Tag Archives: beard

It’s A Family of Flair

•Art Garfunkel AND Sean Lennon
The Allen Room @ Jazz at Lincoln Center
& The Fillmore NY @ Irving Plaza
April 13th

 

Yes, in one night, I basically saw Art Garfunkel open for John Lennon’s son. Both shows were sorta homecomings, since both fellas originally hail from NYC, and both had some minor celeb thighspottin goings on (Art’s wife Kim and Albert Ham Jr at Sean’s show), but other den dat, the two shows didn’t have much in common. While Sean’s gig was bearific, at times it was a bit too mellow. DNA or not, the kid’s got talent, and on stage he mos certainly displayed it, but I sure wish he’d rock out a bit smores. Even when he played his bestest tune from his latestist (and yesh, bestestiestest) album, ‘Headlights’, tit twas a tad too and three underwhelming for my pastes. But hey, this is the cloestestest I’ll ever get to seeing John Lennon perform. Good call then for Sean to grow that hobo beard!

 

As for Art, it’s was an absolute honor and a darn right privilege to see the Jewfro’d man belt out tunes again. When we last caught him and Paul Simon at MSG back in the ‘003, chills were endlessly running down our spine. Hell, it’s the greatestist concert we hath ever darn seen EVER. And yes, we mean that, even after seeing Public Enemy and Ice-T share a stage back in the early ’90s. While Art’s solo show aint a non-stop Bookends fest, the rest of the tracks he throws down, mainly covers since he’s not known as a songwriter, are still worth the price of admission.
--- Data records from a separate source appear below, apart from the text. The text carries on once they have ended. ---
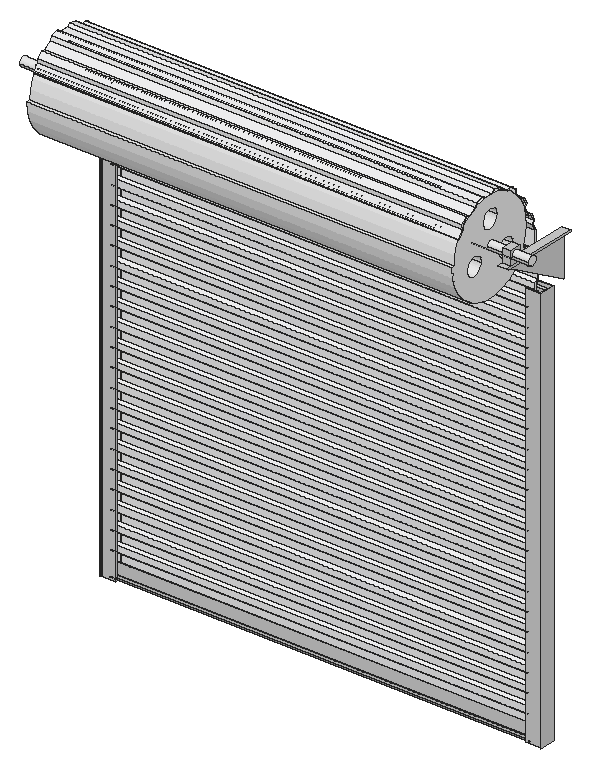
Revit family "Doors_Industrial_Wayne-Dalton_Commercial-Wind-Load-Roll-Up-Door-Model-DS-350_", category Specialty Equipment, host Wall, Revit 2019
Family settings
  Host = Wall
  Round Connector Dimension = Use Diameter
  Part Type = Normal
  OmniClass Number = 23.30.10.21.34
  OmniClass Title = Industrial Doors
  Always vertical = Yes
  Cut with Voids When Loaded = No
  Shared = No
  Room Calculation Point = No
Parameters (values of type "‏​Manual push-up")
  Voltage = 0 V
  True Opening Width [instance] = Clear Width  # 72"
  True Opening Height [instance] = Clear Height  # 72"
  Square 3 [instance] = if(Hood 3, if(Curtain Option Real = 1, 1 = 1, 1 = 2), 1 = 2)  # no
  Square 2 [instance] = if(Hood 2, if(Curtain Option Real = 1, 1 = 1, 1 = 2), 1 = 2)  # no
  Square 1 [instance] = if(Hood 1, if(Curtain Option Real = 1, 1 = 1, 1 = 2), 1 = 2)  # yes
  Slat Height [instance] = if(Curtain Option Real = 1, 3 7/32" * 3, 3 41/256" * 3)  # 9 21/32"
  Round 3 [instance] = if(Hood 3, not(Square 3), 1 = 2)  # no
  Round 2 [instance] = if(Hood 2, not(Square 2), 1 = 2)  # no
  Round 1 [instance] = if(Hood 1, not(Square 1), 1 = 2)  # no
  Product Page URL = "https://www.wayne-dalton.com/roll-up-sheet-door-ds350"
  Slat Length [instance] = [Opening Width (Real)] + 1/4" * 2 + 1 77/256" * 2  # 75 13/128"
  Power Factor = 1
  Opening Width [instance] = 72"
  Opening Height [instance] = 72"
  Number of Poles = 1
  Motor Type [instance] = "GCL Wall mount operator"  # constant formula
  Min Opening Width [instance] = 48"  # constant formula
  Min Opening Height [instance] = 72"  # constant formula
  Max Opening Width [instance] = 192"  # constant formula
  Max Opening Height [instance] = 192"  # constant formula
  Manual = yes
  Hood 3 [instance] = if(Headroom Height = 24", 1 = 1, 1 = 2)  # no
  Hood 2 [instance] = if(Headroom Height = 22", 1 = 1, 1 = 2)  # no
  Hood 1 [instance] = if(Headroom Height = 20", 1 = 1, 1 = 2)  # yes
  Headroom Height [instance] = if([Opening Height (Real)] < 96 1/4", 20", if([Opening Height (Real)] < 120 1/4", 22", 24"))  # 20"
  Opening Width (Real) [instance] = if(Opening Width < Min Opening Width, Min Opening Width, if(Opening Width > Max Opening Width, Max Opening Width, Opening Width))  # 72"
  Opening Height (Real) [instance] = if(Opening Height < Min Opening Height, Min Opening Height, if(Opening Height > Max Opening Height, Max Opening Height, Opening Height))  # 72"
  URL = "https://www.wayne-dalton.com/"
  Product data url = "https://www.bimobject.com/wayne-dalton/product/roll-up-sheet-door-ds350"
  Product Guid = "3ebec87e-711d-456e-b7eb-1e1a6fb7535e"
  Model = "DS-350"  # constant formula
  Manufacturer = "Wayne Dalton"  # constant formula
  Wall Closure = By host
  Frequency = 0 Hz
  Floor To (CL) of Shaft [instance] = [Opening Height (Real)] + C + 1 1/2"  # 83 1/2"
  Finish Material = Metal - Wayne Dalton - Galvanized Steel
  Electrical Operator = no
  Description = "Model DS-350 Commercial Wind Load Roll-Up Door (R-Value 4.0 with optional insulation)"  # constant formula
  Curtain Type [instance] = if(Curtain Option Real = 1, "Square Profile", "Round Profile")  # "Square Profile"
  Curtain Option Real [instance] = if(Curtain Option < 2, 1, 2)  # 1
  Curtain Option [instance] = 1
  Curtain Material [instance] = Steel - Wayne Dalton - White
  Current = 0 A
  Connection Offset Real [instance] = if(Ad Slat 2, Connection Offset - Ad Slat Height * 2, if(Ad Slat 1, Connection Offset - Ad Slat Height, Connection Offset))  # 5 39/256"
  Connection Offset [instance] = [Floor To (CL) of Shaft] - Array Length - 1 13/128" + 1/256"  # 5 39/256"
  Clear Width [instance] = [Opening Width (Real)]  # 72"
  Clear Height [instance] = [Opening Height (Real)]  # 72"
  Chain Hoist = no
  C [instance] = if([Opening Height (Real)] < 96 1/4", 10", if([Opening Height (Real)] < 120 1/4", 11", 12"))  # 10"
  Backroom Depth [instance] = Headroom Height + 3"  # 23"
  BR Shaft Distance [instance] = 11 1/2" + 3/4"  # 12 1/4"
  Array Length [instance] = (Array) * Slat Height  # 77 1/4"
  Array [instance] = rounddown(([Floor To (CL) of Shaft] - 1 13/128" - 2 51/256") / Slat Height)  # 8
  Apparent Load Phase 1 = Current * Voltage  # 0 VA
  Ad Slat Height [instance] = if(Curtain Option Real = 1, 3 7/32", 3 41/256")  # 3 7/32"
  Ad Slat 2 [instance] = if(Connection Offset > Ad Slat Height * 2 + 2 51/256", 1 = 1, 1 = 2)  # no
  Ad Slat 1 [instance] = if(Connection Offset > Ad Slat Height + 2 51/256", 1 = 1, 1 = 2)  # no
  A [instance] = if(Manual, 6", if(Chain Hoist, 8", 9"))  # 6"
Reference planes (in)
  plane 1 "Center (Front/Back)": y = 0
  plane 2 "Center (Left/Right)": x = 0
  plane 3 "Exterior": y = 1.5
  plane 4 "Interior": y = -4.5
  plane 5: x = 36
  plane 6: x = -36
  plane 7: z = 72
  plane 8 "Top": z = 92
  plane 9 "Main": y = -6.5
  plane 10: y = -27.5
  plane 11 "Main Door Block": y = -4.5
  plane 12: z = 47.47
  plane 13 "Bottom Bar": z = 1.1046
  plane 14: x = 38.25
  plane 15: x = -38.25
  plane 16: y = -6.003
  plane 17: y = -6.798
  plane 18: z = 78.3546
  plane 19: z = 83.5
  plane 20: z = 10.76085
  plane 21: z = 81.57335
  plane 22: y = -16.75
  plane 23: x = 37.55078
  plane 24: x = -37.55078
Forms (in)
  Extrusion 1, solid, material "Steel - Wayne Dalton - White" <- "Curtain Material", visible <- "Square 1"
    sketch origin (0, -16.75, 83.5) x (0, 1, 0) y (0, 0, 1)
      loop
        line (9.35386, -0.98398) -> (9.952, -2.141) -> (9.952, -5.15234) -> (9.992, -5.15234) -> (9.992, -2.13127) -> (9.39876, -0.98372) -> (9.70567, -0.3725) -> (9.10863, 0.78239) -> (8.48605, 0.87724) -> (7.73642, 2.4142) -> (8.0119, 3.04619) -> (7.35309, 4.16698) -> (6.77504, 4.22317) -> (5.61691, 5.60807) -> (5.63407, 6.28783) -> (4.60189, 7.07829) -> (3.92065, 6.87579)
        arc (3.92065, 6.87579) -> (3.23374, 7.22433) -> (2.5162, 7.50445) r 7.915
        line (2.5162, 7.50445) -> (2.21341, 8.14743) -> (0.93628, 8.39066) -> (0.41835, 7.90399)
        arc (0.41835, 7.90399) -> (-0.35192, 7.90723) -> (-1.11886, 7.83558) r 7.915
        line (-1.11886, 7.83558) -> (-1.67798, 8.2743) -> (-2.92845, 7.91858) -> (-3.17293, 7.25125)
        arc (-3.17293, 7.25125) -> (-3.86368, 6.90796) -> (-4.51775, 6.49907) r 7.915
        line (-4.51775, 6.49907) -> (-5.21433, 6.64006) -> (-6.17196, 5.76076) -> (-6.09079, 5.05471)
        arc (-6.09079, 5.05471) -> (-6.55449, 4.43694) -> (-6.95576, 3.77691) r 7.915
        line (-6.95576, 3.77691) -> (-6.92515, 3.74945)
        arc (-6.92515, 3.74945) -> (-6.51925, 4.41764) -> (-6.0491, 5.04228) r 7.875
        line (-6.0491, 5.04228) -> (-6.12989, 5.74508) -> (-5.20229, 6.59681) -> (-4.50892, 6.45647)
        arc (-4.50892, 6.45647) -> (-3.84416, 6.87305) -> (-3.14125, 7.22143) r 7.875
        line (-3.14125, 7.22143) -> (-2.8979, 7.88568) -> (-1.68664, 8.23025) -> (-1.13009, 7.79355)
        arc (-1.13009, 7.79355) -> (-0.35014, 7.86727) -> (0.43327, 7.86313) r 7.875
        line (0.43327, 7.86313) -> (0.94882, 8.34755) -> (2.1859, 8.11194) -> (2.4873, 7.47193)
        arc (2.4873, 7.47193) -> (3.2174, 7.18782) -> (3.91565, 6.83257) r 7.875
        line (3.91565, 6.83257) -> (4.59376, 7.03414) -> (5.59357, 6.26846) -> (5.57655, 5.59404) -> (6.75491, 4.18494) -> (7.32893, 4.12914) -> (7.96709, 3.04349) -> (7.69237, 2.41326) -> (8.45929, 0.84085) -> (9.08246, 0.74591) -> (9.66077, -0.37276) -> (9.35386, -0.98398)
    from -37.55078 to 37.55078
  Extrusion 2, solid, material "Steel - Wayne Dalton - White" <- "Curtain Material", visible <- "Round 1"
    sketch origin (0, -16.75, 83.5) x (0, 1, 0) y (0, 0, 1)
      loop
        arc (9.74192, -1.45013) -> (9.70658, -1.67468) -> (9.90748, -1.78104) r 0.19562
        line (9.90748, -1.78104) -> (10.085, -2.141) -> (10.085, -5.15234) -> (10.133, -5.15234) -> (10.133, -2.12924) -> (9.93364, -1.725)
        arc (9.93364, -1.725) -> (9.75811, -1.66767) -> (9.77636, -1.48393) r 0.14737
        arc (9.77636, -1.48393) -> (9.89931, -0.71691) -> (9.21593, -0.34757) r 0.67117
        arc (9.21593, -0.34757) -> (9.05903, -0.2502) -> (9.1204, -0.07604) r 0.14737
        line (9.1204, -0.07604) -> (8.53591, 1.10908)
        arc (8.53591, 1.10908) -> (8.36035, 1.16644) -> (8.37862, 1.35023) r 0.1474
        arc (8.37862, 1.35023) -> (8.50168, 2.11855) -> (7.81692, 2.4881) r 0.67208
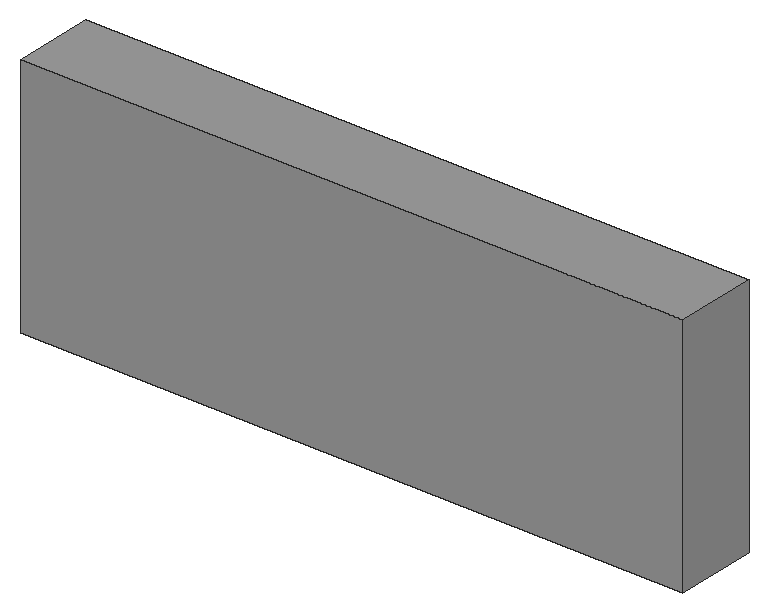
Revit family "Concrete-Rectangular Beam", category Structural Framing, Revit 2017
Family settings
  Display in Hidden Views = Edges Hidden by Other Members
  Section Shape = Not Defined
  Material for Model Behavior = Concrete
  Always export as geometry = No
  Always vertical = Yes
  Cut with Voids When Loaded = No
  Symbolic Representation = From Family
  Shared = No
  Show family pre-cut in plan views = Yes
Parameters (values of type "450_X_150")
  d [instance] = Depth - COVER  # 410 mm
  b [instance] = B  # 150 mm
  TOP_REINFORCEMENT_RIGHT_TON [instance] = 0 mm
  TOP_REINFORCEMENT_RIGHT_NO [instance] = 0
  TOP_REINFORCEMENT_MID_TON [instance] = 0 mm
  TOP_REINFORCEMENT_MID_NO [instance] = 0
  TOP_REINFORCEMENT_LEFT_TON [instance] = 0 mm
  TOP_REINFORCEMENT_LEFT_NO [instance] = 0
  TOP REINFORCEMENT RIGHT [instance] = ""
  TOP REINFORCEMENT MID SPAN [instance] = ""
  TOP REINFORCEMENT LEFT [instance] = ""
  Structural Material = Concrete, Cast-in-Place gray RCC
  SHEAR_STIRRUPS_RIGHT_TON [instance] = 0 mm
  SHEAR_STIRRUPS_RIGHT_NO [instance] = 0
  SHEAR_STIRRUPS_MID_TON [instance] = 0 mm
  SHEAR_STIRRUPS_MID_NO [instance] = 0
  SHEAR_STIRRUPS_LEFT_TON [instance] = 0 mm
  SHEAR_STIRRUPS_LEFT_NO [instance] = 0
  SFR_TON [instance] = 0 mm
  SFR_NO [instance] = 0
  H = 450 mm
  GUID [instance] = 0
  GRADE(Mpa) [instance] = 0
  ETABS LABEL [instance] = ""
  Depth [instance] = H  # 450 mm
  DIAGONAL_STEEL [instance] = 0
  Col/Beam No. [instance] = ""
  COVER [instance] = 40 mm
  Beam_Type [instance] = ""
  BOTTOM_REINFORCEMENT_RIGHT_TON [instance] = 0 mm
  BOTTOM_REINFORCEMENT_RIGHT_NO [instance] = 0
  BOTTOM_REINFORCEMENT_MID_TON [instance] = 0 mm
  BOTTOM_REINFORCEMENT_MID_NO [instance] = 0
  BOTTOM_REINFORCEMENT_LEFT_TON [instance] = 0 mm
  BOTTOM_REINFORCEMENT_LEFT_NO [instance] = 0
  BOTTOM REINFORCEMENT RIGHT [instance] = ""
  BOTTOM REINFORCEMENT MID SPAN [instance] = ""
  BOTTOM REINFORCEMENT LEFT [instance] = ""
  BEAM_START_CONDITION [instance] = ""
  BEAM_END_CONDITION [instance] = ""
  B = 150 mm
  Assembly Code = ""
  Length [instance] = 1524 mm
Reference planes
  plane 1 "Center (Front/Back)": y = 0
  plane 2: z = 0
  plane 3 "Center (Left/Right)": x = 4.61
  plane 4 "Member Left": x = -604.99
  plane 5 "Member Right": x = 614.21
  plane 6: y = 75
  plane 7: y = -75
  plane 8: z = 225
  plane 9 "Bottom": z = -225
  plane 10 "Left": x = -757.39
  plane 11 "Right": x = 766.61
Forms (mm)
  Sweep 1, solid, material "Concrete, Cast-in-Place gray RCC" <- "Structural Material"
    path origin (0, 0, 0) x (1, 0, 0) y (0, 1, 0)
      loop
        line (614.21, 0) -> (-604.99, 0)
    profile "M_Rectangular Beam-Profile : M_Rectangular Beam-Profile" origin (4.61, 0, 0) x (0, -1, 0) y (0, 0, 1)
      loop
        line (-75, -225) -> (75, -225) -> (75, 225) -> (-75, 225) -> (-75, -225)
Dimensions and locks
  "B": plane 6 to plane 7
  equal spacing: plane 9 "Bottom", plane 2, plane 8
  equal spacing: plane 6, plane 1 "Center (Front/Back)", plane 7
  "H": plane 9 "Bottom" to plane 8
  "Length": plane 10 "Left" to plane 11 "Right"
  aligned and locked: Sweep 1 sketch curve to plane 1 "Center (Front/Back)"
  aligned and locked: plane 4 "Member Left" to Sweep 1 sketch curve
  aligned and locked: plane 5 "Member Right" to Sweep 1 sketch curve

Don’t spank me and him wrong though, cause the ‘funk-master gives the peeps what they came to hear: the S&G masterpieces, like ‘Bridge Over Troubled Water’, ‘The Boxer’, ‘Mrs Robinson’, ‘The Sound Of Silence’, and ‘Cecilia’, which was adorably dueteded with his teenaged son James, who, for butter or for wurst, is a spittin image of his papa, and even dances as poorly as his ole man too!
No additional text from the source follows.